Silvia is rebuilding my PC on the weekend so I can start playing with it at least.
My letters should be first cuz IF (if) the Language X Institute (check 'em out) adopts it as their proposed standard for a world language, then I have skilled and influential professional backers.
There is a nice documentary out there called the History of English- enjoyable.
After lunch with Fotini, I'll complete the first installment of Decimese. I.e. the closed class function words.
The stages are
1) study all repeating themes in basic vocabulary words. E.g. I, you, he, it - singular vs plural. Et al.
2) then reassemble them - just use chart at first to show all variables. E..g They - out/far (space terms), plural(math term), pronoun indicator (grammatical).
3) then condense using a compression cypher. I.e. use of consonant clusters and vowel diphthongs to repack into something about the same size as a standard pronoun.
Kiph's law - rule really- says common words will also be smaller, more brief.

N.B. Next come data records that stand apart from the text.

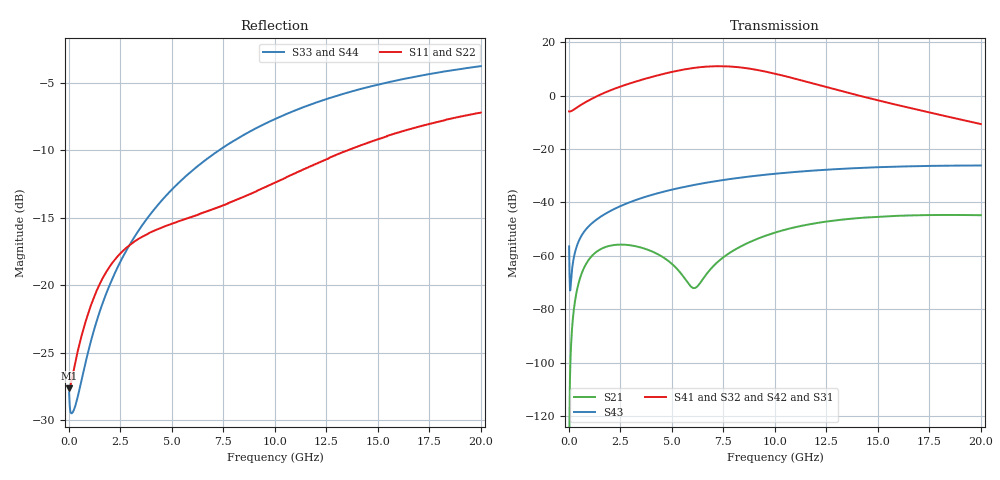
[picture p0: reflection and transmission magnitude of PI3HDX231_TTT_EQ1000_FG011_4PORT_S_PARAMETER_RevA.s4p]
! NPort=4 DATA=2000 NOISE=0 GROUPDELAY=0 COMPLEX_DATAFORMAT=POLAR
! NumOfBlock=1 NumOfParam=0
! .MODEL Smodel S TSTONEFILE=PI3HDX231_TTT_EQ1000_FG011_4PORT_S_PARAMETER_RevA.s4p TYPE=S
!  -- The above .MODEL line can be used for the S element in the netlist.
! The s parameter is extracted from the linear redriver, it is not bi-directional; only s(4,1)s(4,2) and s(3,1)s(3,2)
! should be the insertion loss
!Port definition:
!Port1 = input+
!Port2 = input-
!Port3 = output+
!Port4 = output-
# Hz S MA R  50
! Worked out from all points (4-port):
!   2000 points, 10 MHz to 20 GHz, reference 50 ohm
!   strongest paths, dB at 10 MHz, 5.01 GHz, 10.01 GHz, 15.01 GHz, 20 GHz:
!     S41: -5.9, 8.9, 8.2, -1.8, -10.7
!     S32: -5.9, 8.8, 8.1, -1.8, -10.6
!     S42: -5.9, 8.9, 8.1, -2.0, -10.8
!     S31: -5.9, 8.8, 8.0, -2.2, -11.0
!     S43: -56.5, -35.2, -29.3, -26.9, -26.2
!     S21: -134.8, -63.1, -51.3, -45.4, -44.8
!   lowest |S11| = -27.6 dB at 10 MHz (marker M1), VSWR 1.09, Z = 46 - j0.0776 ohm
!   |S11| at or under -10 dB: start of sweep to 13.55 GHz
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1e7  0.04152 -178.8  1.825e-07 -13.9  0 0.0  0 0.0
     1.825e-07 -14.0  0.04152 -178.8  0 0.0  0 0.0
     0.5042 -0.1  0.5042 179.9  0.04012 -3.2  0.0015 -70.3
     0.5042 179.9  0.5042 -0.1  0.0015 -70.3  0.04012 -3.2
4.52e9  0.1636 -140.6  0.0009614 -10.2  3.438e-10 -157.7  2.163e-10 -141.2
        0.0009635 -10.1  0.1636 -140.7  2.096e-10 -141.3  3.563e-10 -157.4
        2.482 -46.9  2.488 132.8  0.2065 -101.0  0.01559 64.1
        2.501 132.7  2.502 -46.2  0.01556 64.0  0.2066 -101.0
6.48e9  0.1853 -137.1  0.0003539 83.1  3.104e-09 139.8  1.642e-09 179.7
        0.0003543 81.9  0.1851 -137.3  1.591e-09 -179.4  3.231e-09 139.2
        3.393 -106.5  3.41 73.2  0.2851 -106.7  0.02269 53.0
        3.428 73.0  3.429 -105.7  0.02261 53.0  0.2852 -106.7
8.31e9  0.2095 -132.8  0.001481 98.0  1.249e-08 82.4  8.197e-09 134.6
        0.001471 97.6  0.2088 -133.0  7.998e-09 136.1  1.295e-08 80.9
        3.309 -169.1  3.348 10.7  0.3536 -111.5  0.02905 41.5
        3.361 10.2  3.349 -168.2  0.02894 41.6  0.3537 -111.5
1.073e10  0.2547 -128.8  0.003262 76.8  4.24e-08 17.2  3.435e-08 62.1
          0.003242 76.5  0.2532 -128.9  3.393e-08 63.9  4.331e-08 15.0
          2.13 118.6  2.185 -61.9  0.4356 -117.4  0.03645 25.7
          2.187 -62.5  2.162 119.7  0.03633 25.9  0.4357 -117.4
1.372e10  0.3197 -128.5  0.004972 45.9  1.172e-07 -49.3  9.53e-08 -16.3
          0.004939 45.7  0.3177 -128.5  9.541e-08 -14.6  1.179e-07 -51.5
          1.041 54.1  1.087 -127.6  0.5208 -124.0  0.04339 6.3
          1.082 -128.3  1.062 55.4  0.04332 6.5  0.5206 -124.0
2e10  0.4355 -135.6  0.005782 -4.3  3.803e-07 -161.0  2.823e-07 -139.5
      0.005737 -4.4  0.4338 -135.4  2.86e-07 -138.6  3.765e-07 -162.7
      0.2803 -44.0  0.2959 130.5  0.6464 -135.0  0.04884 -32.3
      0.292 130.1  0.2895 -42.6  0.04894 -32.1  0.6461 -135.0

It is right annoying when they are not.
If I invest the time and energy in keeping the 'mortar words' small, then the size of the 'brick' words- lexicon - will not matter so much. I intend to use a large number of basic concepts, and then heavily use compounding, complete with some compressed prepositions to indicate relationships.
I don't believe in smaller bricks than that. Too few basic vocabulary items, and meanings are too
vague and ambiguous.
Sure, more single-vocabulary (complex syllable structure) items makes for brevity.
But it results in more lexicon being brute-force memorized. I for one have a poor memory.
For example, P-I E protolanguage has a term for marriage. It is give-heart.
Marry-age. Fusion, agglutination - it has become less obvious. Bad example I guess.
I consider use of complex sylllable structures to generate more core vocabulary to be a trap, a dead end.
Painting into a corner. If we reserve consonant clusters/vowel diphthongs for some trans-word
generic meanings, then we can apply a handful of rules repeatedly to compact words.
I am trying to mitigate the weakness of my hybrid taxonomic language approach.
Part taxonomic, part word-compounding for vocabulary.
I have no dogmatic adherence to either system. Fork or spoon? Spork! <:

By backing up one additional step beyond other aux-langers, my language design should
be innnovative, interesting and perhaps more flexible.
Other than a few common examples, I have no desire to generate much standard vocabulary.
I wish to use a Lojban/Linux approach. Let a community of online enthusiasts devote their energy.
So long as they are guided by the language design principles, it should work out OK. ...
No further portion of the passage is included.